Harga BBM Turun Pedagang Diminta Sesuaikan Harga

MANADO, (manadoterkini.com) – Terhitung Senin (19/1) hari ini harga Bahan Bakar Minyak (BBM) jenis Bensin dan Solar kembali mengalami penurunan setelah diumumkan secara resmi oleh Presiden Joko Widodo (Jokowi) pekan lalu di istana negara.

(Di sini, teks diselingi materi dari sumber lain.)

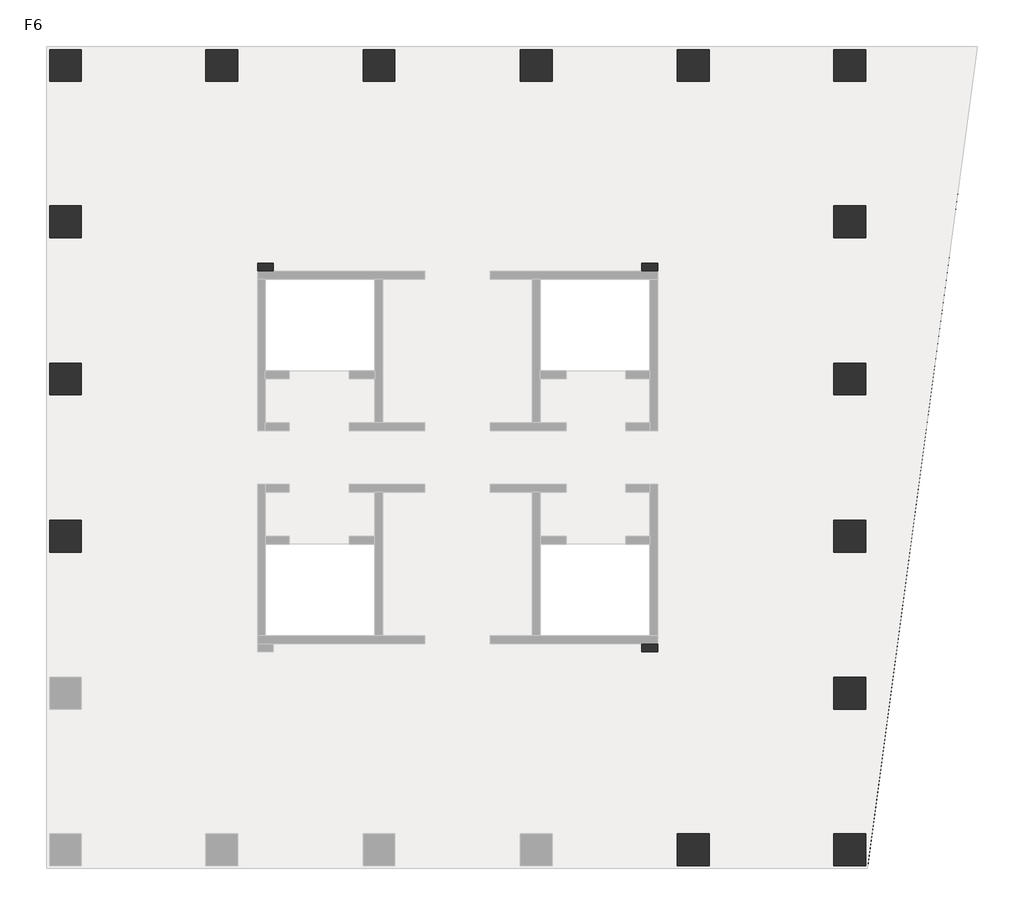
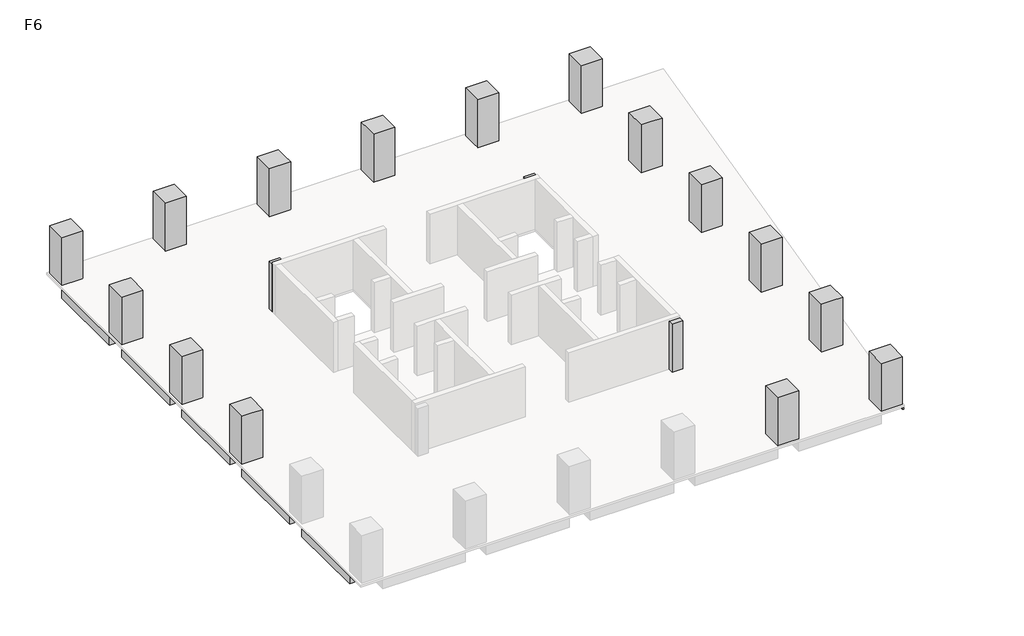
# One storey, part 2 of 2: 21 beams, 18 columns.
"""IFC4 building model written with IfcOpenShell, lengths in millimetres."""

import ifcopenshell
import ifcopenshell.guid

model = None  # the IFC model being written
_history = None  # IfcOwnerHistory: only IFC2X3 demands one
_inside = {}  # id of a spatial element -> (the spatial element, [elements in it])
_under = {}  # id of a project, library or spatial element -> (it, [spatial elements below it])
_declared = {}  # id of a project -> (the project, [libraries it declares])
_typed = {}  # id of a type object -> (the type object, [elements of that type])
_made_of = {}  # id of a material, layer set ... -> (it, [elements and type objects made of it])


def new_model(schema):
    """Start an empty IFC model of exactly this schema.

    Asked for "IFC4X3", IfcOpenShell would pick the latest addendum, in which some entities
    have other attributes; the version numbers below select the first issue.
    IFC2X3 requires an IfcOwnerHistory on every rooted entity: one is made here for all.
    """
    global model, _history
    if schema == "IFC4X3":
        model = ifcopenshell.file(schema_version=(4, 3, 0, 0))
    else:
        model = ifcopenshell.file(schema=schema)
    _inside.clear()
    _under.clear()
    _declared.clear()
    _typed.clear()
    _made_of.clear()
    _history = None
    if model.schema == "IFC2X3":
        org = make("IfcOrganization", Name="unknown")
        user = make(
            "IfcPersonAndOrganization",
            ThePerson=make("IfcPerson", FamilyName="unknown"),
            TheOrganization=org,
        )
        app = make(
            "IfcApplication",
            ApplicationDeveloper=org,
            Version="unknown",
            ApplicationFullName="unknown",
            ApplicationIdentifier="unknown",
        )
        _history = make(
            "IfcOwnerHistory",
            OwningUser=user,
            OwningApplication=app,
            ChangeAction="ADDED",
            CreationDate=0,
        )
    return model


def make(cls, **values):
    """One entity of the class cls with the attributes given. An attribute that is None is left unset."""
    return model.create_entity(
        cls, **{name: value for name, value in values.items() if value is not None}
    )


def rooted(cls, **values):
    """An entity with a GlobalId (a new one), such as an element, a storey or a relation."""
    return make(cls, GlobalId=ifcopenshell.guid.new(), OwnerHistory=_history, **values)


def si_unit(unit_type, name, prefix=None):
    """IfcSIUnit, for example si_unit("LENGTHUNIT", "METRE", prefix="MILLI")."""
    return make("IfcSIUnit", UnitType=unit_type, Prefix=prefix, Name=name)


def assignment(units):
    """IfcUnitAssignment: the units of a project."""
    return None if units is None else make("IfcUnitAssignment", Units=units)


def point(xyz):
    """IfcCartesianPoint."""
    return None if xyz is None else make("IfcCartesianPoint", Coordinates=xyz)


def direction(xyz):
    """IfcDirection."""
    return None if xyz is None else make("IfcDirection", DirectionRatios=xyz)


def frame(location, z_axis=None, x_axis=None):
    """IfcAxis2Placement3D, a coordinate frame: its origin and axes. An axis left out is left unset."""
    return make(
        "IfcAxis2Placement3D",
        Location=point(location),
        Axis=direction(z_axis),
        RefDirection=direction(x_axis),
    )


def origin():
    """The frame at (0, 0, 0) with its axes left unset."""
    return frame((0.0, 0.0, 0.0))


def place(relative_to, where):
    """IfcLocalPlacement: puts the frame where relative to a parent placement (None: the world)."""
    return make(
        "IfcLocalPlacement", PlacementRelTo=relative_to, RelativePlacement=where
    )


def context(
    kind, dimensions, precision=None, world=None, true_north=None, identifier=None
):
    """IfcGeometricRepresentationContext, for example the 3D "Model" context."""
    return make(
        "IfcGeometricRepresentationContext",
        ContextIdentifier=identifier,
        ContextType=kind,
        CoordinateSpaceDimension=dimensions,
        Precision=precision,
        WorldCoordinateSystem=world,
        TrueNorth=true_north,
    )


def project(units=None, contexts=None):
    """IfcProject with its units and contexts."""
    return rooted(
        "IfcProject",
        Name="project",
        RepresentationContexts=contexts,
        UnitsInContext=assignment(units),
    )


def spatial(cls, under=None, at=None, **own):
    """A site, building, storey or space (cls), placed at a placement, below another one or the project."""
    s = rooted(cls, ObjectPlacement=at, **own)
    if under is not None:
        _under.setdefault(under.id(), (under, []))[1].append(s)
    return s


def polyline(points):
    """IfcPolyline through the points."""
    return make("IfcPolyline", Points=[point(p) for p in points])


def outline(outer, holes=None, kind="AREA"):
    """IfcArbitraryClosedProfileDef: a profile drawn as a closed curve; with holes, ...WithVoids."""
    if holes is None:
        return make("IfcArbitraryClosedProfileDef", ProfileType=kind, OuterCurve=outer)
    return make(
        "IfcArbitraryProfileDefWithVoids",
        ProfileType=kind,
        OuterCurve=outer,
        InnerCurves=holes,
    )


def extrude(swept, where, along, depth):
    """IfcExtrudedAreaSolid: the profile swept, set in the frame where, extruded along a direction by depth."""
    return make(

Dengan penurunan tersebut warga pun berharap akan diikuti dengan penyesuaian harga bahan di pasaran.

Apalagi beban distribusi menjadi alasan para penjual atau pedagang menaikan bahan pokok waktu lalu. “Jadi tidak ada alasan bagi pedagan untuk tidak menurunkan bahan pokok,”ujar Dayton Andersen Warga Minanga, Malalayang Dua.

Dia pun menambahkan agar harga barang-barang kebutuhan pokok dapat disesuaikan dengan penurunan BBM. “Jangan hanya alasan BBM naik, ini sudah dua kali turun tetap saja harga bahan mahal. Seharunya harus disesuaikan juga,”tuturnya.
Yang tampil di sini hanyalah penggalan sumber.